The answer should match the entries below word for word, minus their pictures.

(Beginning of Data provided)

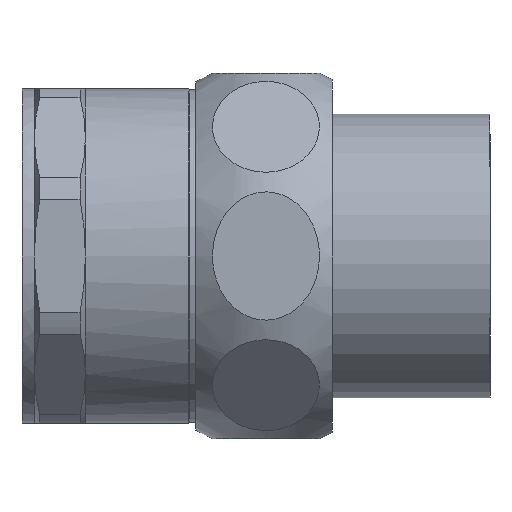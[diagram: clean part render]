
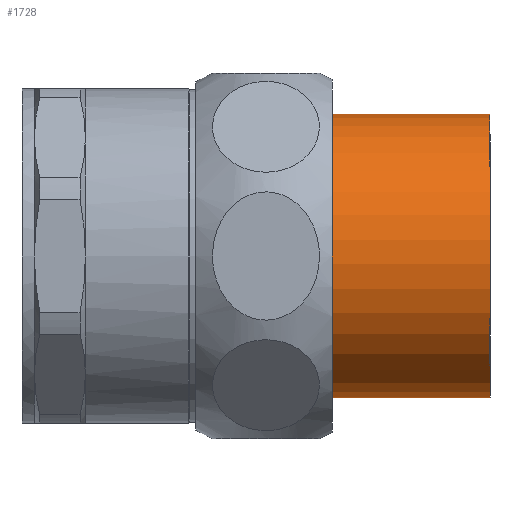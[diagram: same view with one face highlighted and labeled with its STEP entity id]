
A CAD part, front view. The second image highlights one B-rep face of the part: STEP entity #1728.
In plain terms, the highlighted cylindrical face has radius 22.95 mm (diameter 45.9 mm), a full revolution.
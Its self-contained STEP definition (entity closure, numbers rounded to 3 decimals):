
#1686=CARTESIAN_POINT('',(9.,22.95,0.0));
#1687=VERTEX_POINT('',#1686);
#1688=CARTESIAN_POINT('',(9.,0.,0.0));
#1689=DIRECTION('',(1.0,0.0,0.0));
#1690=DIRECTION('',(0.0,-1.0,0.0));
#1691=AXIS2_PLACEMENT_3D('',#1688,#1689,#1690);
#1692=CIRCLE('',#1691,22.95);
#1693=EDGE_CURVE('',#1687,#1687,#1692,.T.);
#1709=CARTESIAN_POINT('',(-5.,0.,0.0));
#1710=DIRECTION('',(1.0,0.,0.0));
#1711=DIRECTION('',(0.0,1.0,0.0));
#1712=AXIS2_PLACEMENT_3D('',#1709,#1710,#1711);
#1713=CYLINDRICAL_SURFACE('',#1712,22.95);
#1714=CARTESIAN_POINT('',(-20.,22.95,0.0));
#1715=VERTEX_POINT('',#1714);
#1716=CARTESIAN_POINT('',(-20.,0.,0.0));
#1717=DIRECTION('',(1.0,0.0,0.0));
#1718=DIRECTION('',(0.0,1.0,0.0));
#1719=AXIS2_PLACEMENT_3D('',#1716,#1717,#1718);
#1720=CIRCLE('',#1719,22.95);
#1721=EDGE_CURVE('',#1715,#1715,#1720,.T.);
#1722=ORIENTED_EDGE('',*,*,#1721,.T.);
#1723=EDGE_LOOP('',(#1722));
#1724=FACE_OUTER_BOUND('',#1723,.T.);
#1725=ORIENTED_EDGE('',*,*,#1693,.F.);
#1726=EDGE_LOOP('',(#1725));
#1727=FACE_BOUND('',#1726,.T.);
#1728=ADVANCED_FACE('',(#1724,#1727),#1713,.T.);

(End of Data provided)

* **Task response**
[diagram: clean part render]
[diagram: same view with one face highlighted and labeled with its STEP entity id]
A CAD part, front view. The second image highlights one B-rep face of the part: STEP entity #1728.
In plain terms, the highlighted cylindrical face has radius 22.95 mm (diameter 45.9 mm), a full revolution.
Its self-contained STEP definition (entity closure, numbers rounded to 3 decimals):
#1686=CARTESIAN_POINT('',(9.,22.95,0.0));
#1687=VERTEX_POINT('',#1686);
#1688=CARTESIAN_POINT('',(9.,0.,0.0));
#1689=DIRECTION('',(1.0,0.0,0.0));
#1690=DIRECTION('',(0.0,-1.0,0.0));
#1691=AXIS2_PLACEMENT_3D('',#1688,#1689,#1690);
#1692=CIRCLE('',#1691,22.95);
#1693=EDGE_CURVE('',#1687,#1687,#1692,.T.);
#1709=CARTESIAN_POINT('',(-5.,0.,0.0));
#1710=DIRECTION('',(1.0,0.,0.0));
#1711=DIRECTION('',(0.0,1.0,0.0));
#1712=AXIS2_PLACEMENT_3D('',#1709,#1710,#1711);
#1713=CYLINDRICAL_SURFACE('',#1712,22.95);
#1714=CARTESIAN_POINT('',(-20.,22.95,0.0));
#1715=VERTEX_POINT('',#1714);
#1716=CARTESIAN_POINT('',(-20.,0.,0.0));
#1717=DIRECTION('',(1.0,0.0,0.0));
#1718=DIRECTION('',(0.0,1.0,0.0));
#1719=AXIS2_PLACEMENT_3D('',#1716,#1717,#1718);
#1720=CIRCLE('',#1719,22.95);
#1721=EDGE_CURVE('',#1715,#1715,#1720,.T.);
#1722=ORIENTED_EDGE('',*,*,#1721,.T.);
#1723=EDGE_LOOP('',(#1722));
#1724=FACE_OUTER_BOUND('',#1723,.T.);
#1725=ORIENTED_EDGE('',*,*,#1693,.F.);
#1726=EDGE_LOOP('',(#1725));
#1727=FACE_BOUND('',#1726,.T.);
#1728=ADVANCED_FACE('',(#1724,#1727),#1713,.T.);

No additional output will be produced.